»»

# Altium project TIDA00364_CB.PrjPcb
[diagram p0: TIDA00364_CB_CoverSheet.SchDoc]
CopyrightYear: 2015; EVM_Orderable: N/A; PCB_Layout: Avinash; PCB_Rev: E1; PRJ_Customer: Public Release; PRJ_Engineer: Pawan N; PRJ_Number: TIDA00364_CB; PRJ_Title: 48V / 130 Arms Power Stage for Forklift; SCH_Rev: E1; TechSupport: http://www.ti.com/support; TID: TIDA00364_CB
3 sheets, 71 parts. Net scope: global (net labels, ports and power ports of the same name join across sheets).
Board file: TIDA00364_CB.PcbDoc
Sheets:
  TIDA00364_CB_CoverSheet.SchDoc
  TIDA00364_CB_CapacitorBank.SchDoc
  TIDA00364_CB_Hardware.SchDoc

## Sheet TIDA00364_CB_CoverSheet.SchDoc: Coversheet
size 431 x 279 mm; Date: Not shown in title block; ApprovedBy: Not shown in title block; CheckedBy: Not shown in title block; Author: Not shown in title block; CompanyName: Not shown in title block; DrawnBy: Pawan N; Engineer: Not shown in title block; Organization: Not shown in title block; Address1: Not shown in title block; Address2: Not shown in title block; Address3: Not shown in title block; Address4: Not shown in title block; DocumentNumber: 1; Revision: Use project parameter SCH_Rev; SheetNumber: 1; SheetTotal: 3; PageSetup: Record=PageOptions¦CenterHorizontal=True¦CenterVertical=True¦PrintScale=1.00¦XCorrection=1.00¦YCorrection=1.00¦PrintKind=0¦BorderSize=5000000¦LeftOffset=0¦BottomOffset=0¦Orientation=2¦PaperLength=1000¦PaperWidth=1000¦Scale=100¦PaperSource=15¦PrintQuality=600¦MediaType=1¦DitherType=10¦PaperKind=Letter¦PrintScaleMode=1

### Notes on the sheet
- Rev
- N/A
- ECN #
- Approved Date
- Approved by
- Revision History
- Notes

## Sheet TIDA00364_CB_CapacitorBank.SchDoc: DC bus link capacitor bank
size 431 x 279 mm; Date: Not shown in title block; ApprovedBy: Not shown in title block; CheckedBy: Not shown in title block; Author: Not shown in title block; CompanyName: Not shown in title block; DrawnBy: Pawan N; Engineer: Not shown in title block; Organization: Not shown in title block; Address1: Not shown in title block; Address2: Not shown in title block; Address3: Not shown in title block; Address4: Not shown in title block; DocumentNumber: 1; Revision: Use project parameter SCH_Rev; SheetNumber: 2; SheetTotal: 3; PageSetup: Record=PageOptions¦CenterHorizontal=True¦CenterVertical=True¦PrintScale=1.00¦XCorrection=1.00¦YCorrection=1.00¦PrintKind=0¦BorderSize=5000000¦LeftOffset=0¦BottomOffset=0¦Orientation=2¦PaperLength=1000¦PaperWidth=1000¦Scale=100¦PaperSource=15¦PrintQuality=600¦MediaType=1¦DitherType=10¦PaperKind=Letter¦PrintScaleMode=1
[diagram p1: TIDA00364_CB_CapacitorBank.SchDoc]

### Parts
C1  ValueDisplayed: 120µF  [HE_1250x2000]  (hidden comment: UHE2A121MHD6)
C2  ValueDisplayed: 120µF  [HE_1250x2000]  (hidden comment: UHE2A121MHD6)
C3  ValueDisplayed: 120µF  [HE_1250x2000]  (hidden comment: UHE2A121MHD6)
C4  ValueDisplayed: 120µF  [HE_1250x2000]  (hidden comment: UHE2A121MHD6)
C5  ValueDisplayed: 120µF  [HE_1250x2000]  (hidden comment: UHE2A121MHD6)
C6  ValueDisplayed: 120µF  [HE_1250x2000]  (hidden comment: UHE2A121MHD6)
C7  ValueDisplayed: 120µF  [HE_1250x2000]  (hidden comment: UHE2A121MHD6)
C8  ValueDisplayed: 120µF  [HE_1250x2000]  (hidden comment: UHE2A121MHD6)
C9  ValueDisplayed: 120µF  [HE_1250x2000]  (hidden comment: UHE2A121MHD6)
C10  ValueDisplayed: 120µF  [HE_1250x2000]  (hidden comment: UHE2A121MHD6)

««

Set down the preceding data verbatim. Every line belongs in the copy.

# Altium project TIDA00364_CB.PrjPcb
[diagram p0: TIDA00364_CB_CoverSheet.SchDoc]
CopyrightYear: 2015; EVM_Orderable: N/A; PCB_Layout: Avinash; PCB_Rev: E1; PRJ_Customer: Public Release; PRJ_Engineer: Pawan N; PRJ_Number: TIDA00364_CB; PRJ_Title: 48V / 130 Arms Power Stage for Forklift; SCH_Rev: E1; TechSupport: http://www.ti.com/support; TID: TIDA00364_CB
3 sheets, 71 parts. Net scope: global (net labels, ports and power ports of the same name join across sheets).
Board file: TIDA00364_CB.PcbDoc
Sheets:
  TIDA00364_CB_CoverSheet.SchDoc
  TIDA00364_CB_CapacitorBank.SchDoc
  TIDA00364_CB_Hardware.SchDoc

## Sheet TIDA00364_CB_CoverSheet.SchDoc: Coversheet
size 431 x 279 mm; Date: Not shown in title block; ApprovedBy: Not shown in title block; CheckedBy: Not shown in title block; Author: Not shown in title block; CompanyName: Not shown in title block; DrawnBy: Pawan N; Engineer: Not shown in title block; Organization: Not shown in title block; Address1: Not shown in title block; Address2: Not shown in title block; Address3: Not shown in title block; Address4: Not shown in title block; DocumentNumber: 1; Revision: Use project parameter SCH_Rev; SheetNumber: 1; SheetTotal: 3; PageSetup: Record=PageOptions¦CenterHorizontal=True¦CenterVertical=True¦PrintScale=1.00¦XCorrection=1.00¦YCorrection=1.00¦PrintKind=0¦BorderSize=5000000¦LeftOffset=0¦BottomOffset=0¦Orientation=2¦PaperLength=1000¦PaperWidth=1000¦Scale=100¦PaperSource=15¦PrintQuality=600¦MediaType=1¦DitherType=10¦PaperKind=Letter¦PrintScaleMode=1

### Notes on the sheet
- Rev
- N/A
- ECN #
- Approved Date
- Approved by
- Revision History
- Notes

## Sheet TIDA00364_CB_CapacitorBank.SchDoc: DC bus link capacitor bank
size 431 x 279 mm; Date: Not shown in title block; ApprovedBy: Not shown in title block; CheckedBy: Not shown in title block; Author: Not shown in title block; CompanyName: Not shown in title block; DrawnBy: Pawan N; Engineer: Not shown in title block; Organization: Not shown in title block; Address1: Not shown in title block; Address2: Not shown in title block; Address3: Not shown in title block; Address4: Not shown in title block; DocumentNumber: 1; Revision: Use project parameter SCH_Rev; SheetNumber: 2; SheetTotal: 3; PageSetup: Record=PageOptions¦CenterHorizontal=True¦CenterVertical=True¦PrintScale=1.00¦XCorrection=1.00¦YCorrection=1.00¦PrintKind=0¦BorderSize=5000000¦LeftOffset=0¦BottomOffset=0¦Orientation=2¦PaperLength=1000¦PaperWidth=1000¦Scale=100¦PaperSource=15¦PrintQuality=600¦MediaType=1¦DitherType=10¦PaperKind=Letter¦PrintScaleMode=1
[diagram p1: TIDA00364_CB_CapacitorBank.SchDoc]

### Parts
C1  ValueDisplayed: 120µF  [HE_1250x2000]  (hidden comment: UHE2A121MHD6)
C2  ValueDisplayed: 120µF  [HE_1250x2000]  (hidden comment: UHE2A121MHD6)
C3  ValueDisplayed: 120µF  [HE_1250x2000]  (hidden comment: UHE2A121MHD6)
C4  ValueDisplayed: 120µF  [HE_1250x2000]  (hidden comment: UHE2A121MHD6)
C5  ValueDisplayed: 120µF  [HE_1250x2000]  (hidden comment: UHE2A121MHD6)
C6  ValueDisplayed: 120µF  [HE_1250x2000]  (hidden comment: UHE2A121MHD6)
C7  ValueDisplayed: 120µF  [HE_1250x2000]  (hidden comment: UHE2A121MHD6)
C8  ValueDisplayed: 120µF  [HE_1250x2000]  (hidden comment: UHE2A121MHD6)
C9  ValueDisplayed: 120µF  [HE_1250x2000]  (hidden comment: UHE2A121MHD6)
C10  ValueDisplayed: 120µF  [HE_1250x2000]  (hidden comment: UHE2A121MHD6)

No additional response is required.